Data records
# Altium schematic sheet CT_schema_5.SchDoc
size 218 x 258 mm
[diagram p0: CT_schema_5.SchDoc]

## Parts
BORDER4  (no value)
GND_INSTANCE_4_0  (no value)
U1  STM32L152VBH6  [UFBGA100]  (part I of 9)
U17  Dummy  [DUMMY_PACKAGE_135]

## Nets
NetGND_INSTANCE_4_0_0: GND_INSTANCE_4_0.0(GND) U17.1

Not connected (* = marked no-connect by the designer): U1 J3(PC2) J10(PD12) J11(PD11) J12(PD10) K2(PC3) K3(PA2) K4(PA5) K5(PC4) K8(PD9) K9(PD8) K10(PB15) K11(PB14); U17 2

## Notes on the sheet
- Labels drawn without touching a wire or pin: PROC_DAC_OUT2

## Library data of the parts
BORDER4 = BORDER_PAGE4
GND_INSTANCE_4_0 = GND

* About this exercise
The records are to be repeated in full, exactly as they stand.

* Exercise solution
# Altium schematic sheet CT_schema_5.SchDoc
size 218 x 258 mm
[diagram p0: CT_schema_5.SchDoc]

## Parts
BORDER4  (no value)
GND_INSTANCE_4_0  (no value)
U1  STM32L152VBH6  [UFBGA100]  (part I of 9)
U17  Dummy  [DUMMY_PACKAGE_135]

## Nets
NetGND_INSTANCE_4_0_0: GND_INSTANCE_4_0.0(GND) U17.1

Not connected (* = marked no-connect by the designer): U1 J3(PC2) J10(PD12) J11(PD11) J12(PD10) K2(PC3) K3(PA2) K4(PA5) K5(PC4) K8(PD9) K9(PD8) K10(PB15) K11(PB14); U17 2

## Notes on the sheet
- Labels drawn without touching a wire or pin: PROC_DAC_OUT2

## Library data of the parts
BORDER4 = BORDER_PAGE4
GND_INSTANCE_4_0 = GND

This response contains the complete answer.